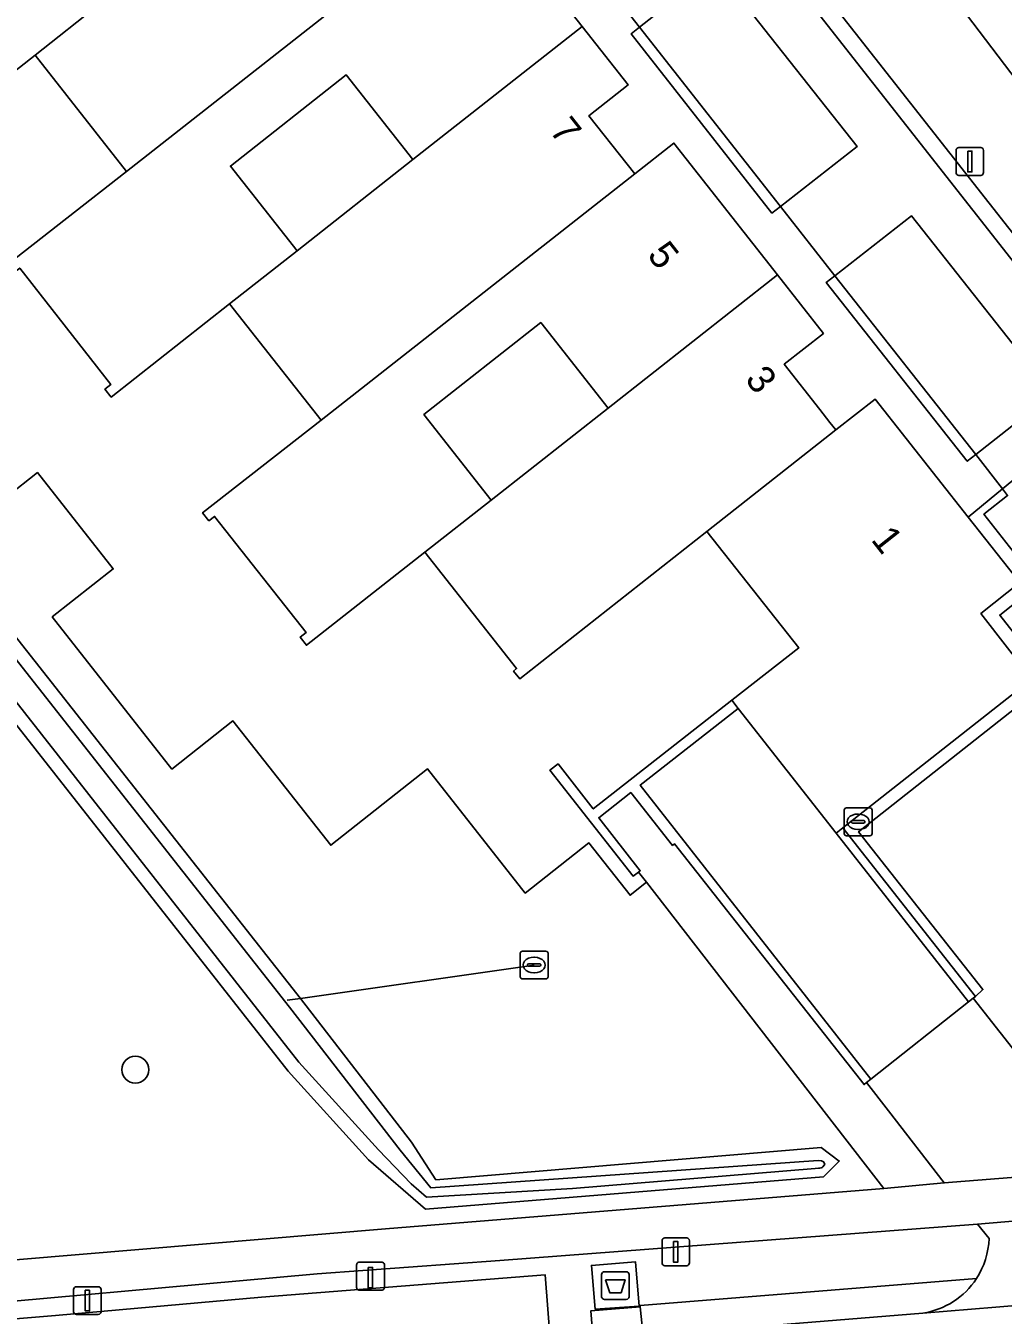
# Model space of a CAD drawing. Extents: x 156661 to 157576, y 383570 to 384425.
# Drawn here: x 157036.77 to 157072.04, y 383934.25 to 383980.76 of the extents above; entities that cross this region are included whole.
import ezdxf

# ---------------------------------------------------------------- set-up
doc = ezdxf.new("R2010")
doc.units = 0
for name, color, linetype in [('IMGEO_Afval_apart_plaats', 7, 'Continuous'), ('IMGEO_Berm_groen', 7, 'Continuous'), ('IMGEO_Boom', 7, 'Continuous'), ('IMGEO_Brandkraan', 7, 'Continuous'), ('IMGEO_Duiker', 7, 'Continuous'), ('IMGEO_Erf', 7, 'Continuous'), ('IMGEO_Fietspad_gesloten', 7, 'Continuous'), ('IMGEO_Groenvoorziening', 7, 'Continuous'), ('IMGEO_Laadpaal', 7, 'Continuous'), ('IMGEO_Lichtmast', 7, 'Continuous'), ('IMGEO_Muur', 7, 'Continuous'), ('IMGEO_Oever', 7, 'Continuous'), ('IMGEO_Pand', 7, 'Continuous'), ('IMGEO_Pand_nummerreeks', 7, 'Continuous'), ('IMGEO_Parkeervlak_open', 7, 'Continuous'), ('IMGEO_Rijbaan_lokaal_gesloten', 7, 'Continuous'), ('IMGEO_Rijbaan_lokaal_open', 7, 'Continuous'), ('IMGEO_Rioolput', 7, 'Continuous'), ('IMGEO_Voetpad_gesloten', 7, 'Continuous'), ('IMGEO_Voetpad_open', 7, 'Continuous'), ('IMGEO_Waterloop', 7, 'Continuous')]:
    doc.layers.add(name, color=color, linetype=linetype)

msp = doc.modelspace()

# ---------------------------------------------------------------- linework, layer by layer
at = {"layer": 'IMGEO_Afval_apart_plaats'}
for p, q in [((157057.55, 383934.917), (157057.55, 383935.717)), ((157057.55, 383935.717), (157057.55, 383934.917)), ((157057.65, 383935.817), (157058.44, 383935.817)), ((157058.44, 383935.817), (157057.65, 383935.817)), ((157058.54, 383935.717), (157058.54, 383934.917)), ((157058.54, 383934.917), (157058.54, 383935.717)), ((157058.44, 383934.817), (157057.65, 383934.817)), ((157057.65, 383934.817), (157058.44, 383934.817))]:
    msp.add_line(p, q, dxfattribs=at)
msp.add_lwpolyline([(157057.693, 383935.531), (157058.397, 383935.531), (157058.248, 383935.061), (157057.842, 383935.061), (157057.693, 383935.531)], dxfattribs=at)
for centre, start, end in [((157057.65, 383935.717), 90, 180), ((157057.65, 383935.717), 90, 180), ((157058.44, 383935.717), 0, 90), ((157058.44, 383935.717), 360, 90), ((157057.65, 383934.917), 180, 270), ((157057.65, 383934.917), 180, 270), ((157058.44, 383934.917), 270, 0), ((157058.44, 383934.917), 270, 0)]:
    msp.add_arc(centre, 0.1, start, end, dxfattribs=at)
at = {"layer": 'IMGEO_Berm_groen'}
for points in [[(157063.404, 383990.789), (157060.448, 383988.467), (157093.57, 383946.344), (157095.404, 383947.68)], [(157089.259, 383956.768), (157063.404, 383990.789)], [(157071.526, 383937.018), (157071.115, 383937.537), (157053.882, 383936.219), (157047.285, 383935.737), (157032.066, 383934.37), (156967.792, 383928.413), (156970.285, 383925.601), (156970.036, 383928.144), (156971.344, 383928.273), (156979.881, 383929.112), (156997.191, 383930.813), (157022.212, 383932.944), (157037.851, 383934.234), (157045.273, 383934.895), (157055.512, 383935.702), (157055.71, 383933.229), (157057.249, 383933.355), (157057.154, 383934.404), (157058.945, 383934.553), (157058.941, 383934.597), (157071.071, 383935.569)]]:
    msp.add_lwpolyline(points, dxfattribs=at)
msp.add_lwpolyline([(157058.904, 383934.58), (157057.318, 383934.466), (157057.183, 383936.043), (157058.771, 383936.176)], close=True, dxfattribs=at)
msp.add_arc((157068.713, 383937.106), 2.815, 326.9161, 358.2183, dxfattribs=at)
at = {"layer": 'IMGEO_Boom'}
msp.add_circle((157040.724, 383943.105), 0.489, dxfattribs=at)
at = {"layer": 'IMGEO_Brandkraan'}
for p, q in [((157066.304, 383951.619), (157066.304, 383952.471)), ((157066.379, 383952.545), (157067.231, 383952.545)), ((157066.792, 383952.325), (157066.817, 383952.325)), ((157067.305, 383952.471), (157067.305, 383951.619)), ((157066.563, 383952.039), (157066.563, 383952.051)), ((157067.001, 383952.002), (157066.603, 383952.002)), ((157066.606, 383952.088), (157067.004, 383952.088)), ((157067.047, 383952.051), (157067.047, 383952.039)), ((157067.231, 383951.545), (157066.379, 383951.545)), ((157066.815, 383951.765), (157066.79, 383951.765))]:
    msp.add_line(p, q, dxfattribs=at)
for points in [[(157066.304, 383951.619), (157066.304, 383952.471)], [(157066.379, 383952.545), (157067.231, 383952.545)], [(157067.305, 383952.471), (157067.305, 383951.619)], [(157067.231, 383951.545), (157066.379, 383951.545)]]:
    msp.add_lwpolyline(points, dxfattribs=at)
for centre, radius, start, end in [((157066.381, 383952.469), 0.0765, 91.552, 178.448), ((157066.381, 383952.469), 0.0765, 91.552, 178.448), ((157067.229, 383952.469), 0.0765, 1.552, 88.448), ((157067.229, 383952.469), 0.0765, 1.552, 88.448), ((157066.603, 383952.048), 0.0403, 85.8775, 175.7526), ((157066.6, 383952.038), 0.0366, 178.938, 274.7102), ((157067.004, 383952.045), 0.043, 264.8664, 352.4533), ((157067.008, 383952.05), 0.0386, 1.7309, 96.639), ((157066.381, 383951.621), 0.0765, 181.552, 268.448), ((157066.381, 383951.621), 0.0765, 181.552, 268.448), ((157067.229, 383951.621), 0.0765, 271.552, 358.448), ((157067.229, 383951.621), 0.0765, 271.552, 358.448)]:
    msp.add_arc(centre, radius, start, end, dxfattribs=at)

REQUIRED ACTION: Every line of the listing is to be repeated exactly, and the pictures are to be dropped.

EXERCISE RESPONSE:
# Model space of a CAD drawing. Extents: x 156661 to 157576, y 383570 to 384425.
# Drawn here: x 157036.77 to 157072.04, y 383934.25 to 383980.76 of the extents above; entities that cross this region are included whole.
import ezdxf

# ---------------------------------------------------------------- set-up
doc = ezdxf.new("R2010")
doc.units = 0
for name, color, linetype in [('IMGEO_Afval_apart_plaats', 7, 'Continuous'), ('IMGEO_Berm_groen', 7, 'Continuous'), ('IMGEO_Boom', 7, 'Continuous'), ('IMGEO_Brandkraan', 7, 'Continuous'), ('IMGEO_Duiker', 7, 'Continuous'), ('IMGEO_Erf', 7, 'Continuous'), ('IMGEO_Fietspad_gesloten', 7, 'Continuous'), ('IMGEO_Groenvoorziening', 7, 'Continuous'), ('IMGEO_Laadpaal', 7, 'Continuous'), ('IMGEO_Lichtmast', 7, 'Continuous'), ('IMGEO_Muur', 7, 'Continuous'), ('IMGEO_Oever', 7, 'Continuous'), ('IMGEO_Pand', 7, 'Continuous'), ('IMGEO_Pand_nummerreeks', 7, 'Continuous'), ('IMGEO_Parkeervlak_open', 7, 'Continuous'), ('IMGEO_Rijbaan_lokaal_gesloten', 7, 'Continuous'), ('IMGEO_Rijbaan_lokaal_open', 7, 'Continuous'), ('IMGEO_Rioolput', 7, 'Continuous'), ('IMGEO_Voetpad_gesloten', 7, 'Continuous'), ('IMGEO_Voetpad_open', 7, 'Continuous'), ('IMGEO_Waterloop', 7, 'Continuous')]:
    doc.layers.add(name, color=color, linetype=linetype)

msp = doc.modelspace()

# ---------------------------------------------------------------- linework, layer by layer
at = {"layer": 'IMGEO_Afval_apart_plaats'}
for p, q in [((157057.55, 383934.917), (157057.55, 383935.717)), ((157057.55, 383935.717), (157057.55, 383934.917)), ((157057.65, 383935.817), (157058.44, 383935.817)), ((157058.44, 383935.817), (157057.65, 383935.817)), ((157058.54, 383935.717), (157058.54, 383934.917)), ((157058.54, 383934.917), (157058.54, 383935.717)), ((157058.44, 383934.817), (157057.65, 383934.817)), ((157057.65, 383934.817), (157058.44, 383934.817))]:
    msp.add_line(p, q, dxfattribs=at)
msp.add_lwpolyline([(157057.693, 383935.531), (157058.397, 383935.531), (157058.248, 383935.061), (157057.842, 383935.061), (157057.693, 383935.531)], dxfattribs=at)
for centre, start, end in [((157057.65, 383935.717), 90, 180), ((157057.65, 383935.717), 90, 180), ((157058.44, 383935.717), 0, 90), ((157058.44, 383935.717), 360, 90), ((157057.65, 383934.917), 180, 270), ((157057.65, 383934.917), 180, 270), ((157058.44, 383934.917), 270, 0), ((157058.44, 383934.917), 270, 0)]:
    msp.add_arc(centre, 0.1, start, end, dxfattribs=at)
at = {"layer": 'IMGEO_Berm_groen'}
for points in [[(157063.404, 383990.789), (157060.448, 383988.467), (157093.57, 383946.344), (157095.404, 383947.68)], [(157089.259, 383956.768), (157063.404, 383990.789)], [(157071.526, 383937.018), (157071.115, 383937.537), (157053.882, 383936.219), (157047.285, 383935.737), (157032.066, 383934.37), (156967.792, 383928.413), (156970.285, 383925.601), (156970.036, 383928.144), (156971.344, 383928.273), (156979.881, 383929.112), (156997.191, 383930.813), (157022.212, 383932.944), (157037.851, 383934.234), (157045.273, 383934.895), (157055.512, 383935.702), (157055.71, 383933.229), (157057.249, 383933.355), (157057.154, 383934.404), (157058.945, 383934.553), (157058.941, 383934.597), (157071.071, 383935.569)]]:
    msp.add_lwpolyline(points, dxfattribs=at)
msp.add_lwpolyline([(157058.904, 383934.58), (157057.318, 383934.466), (157057.183, 383936.043), (157058.771, 383936.176)], close=True, dxfattribs=at)
msp.add_arc((157068.713, 383937.106), 2.815, 326.9161, 358.2183, dxfattribs=at)
at = {"layer": 'IMGEO_Boom'}
msp.add_circle((157040.724, 383943.105), 0.489, dxfattribs=at)
at = {"layer": 'IMGEO_Brandkraan'}
for p, q in [((157066.304, 383951.619), (157066.304, 383952.471)), ((157066.379, 383952.545), (157067.231, 383952.545)), ((157066.792, 383952.325), (157066.817, 383952.325)), ((157067.305, 383952.471), (157067.305, 383951.619)), ((157066.563, 383952.039), (157066.563, 383952.051)), ((157067.001, 383952.002), (157066.603, 383952.002)), ((157066.606, 383952.088), (157067.004, 383952.088)), ((157067.047, 383952.051), (157067.047, 383952.039)), ((157067.231, 383951.545), (157066.379, 383951.545)), ((157066.815, 383951.765), (157066.79, 383951.765))]:
    msp.add_line(p, q, dxfattribs=at)
for points in [[(157066.304, 383951.619), (157066.304, 383952.471)], [(157066.379, 383952.545), (157067.231, 383952.545)], [(157067.305, 383952.471), (157067.305, 383951.619)], [(157067.231, 383951.545), (157066.379, 383951.545)]]:
    msp.add_lwpolyline(points, dxfattribs=at)
for centre, radius, start, end in [((157066.381, 383952.469), 0.0765, 91.552, 178.448), ((157066.381, 383952.469), 0.0765, 91.552, 178.448), ((157067.229, 383952.469), 0.0765, 1.552, 88.448), ((157067.229, 383952.469), 0.0765, 1.552, 88.448), ((157066.603, 383952.048), 0.0403, 85.8775, 175.7526), ((157066.6, 383952.038), 0.0366, 178.938, 274.7102), ((157067.004, 383952.045), 0.043, 264.8664, 352.4533), ((157067.008, 383952.05), 0.0386, 1.7309, 96.639), ((157066.381, 383951.621), 0.0765, 181.552, 268.448), ((157066.381, 383951.621), 0.0765, 181.552, 268.448), ((157067.229, 383951.621), 0.0765, 271.552, 358.448), ((157067.229, 383951.621), 0.0765, 271.552, 358.448)]:
    msp.add_arc(centre, radius, start, end, dxfattribs=at)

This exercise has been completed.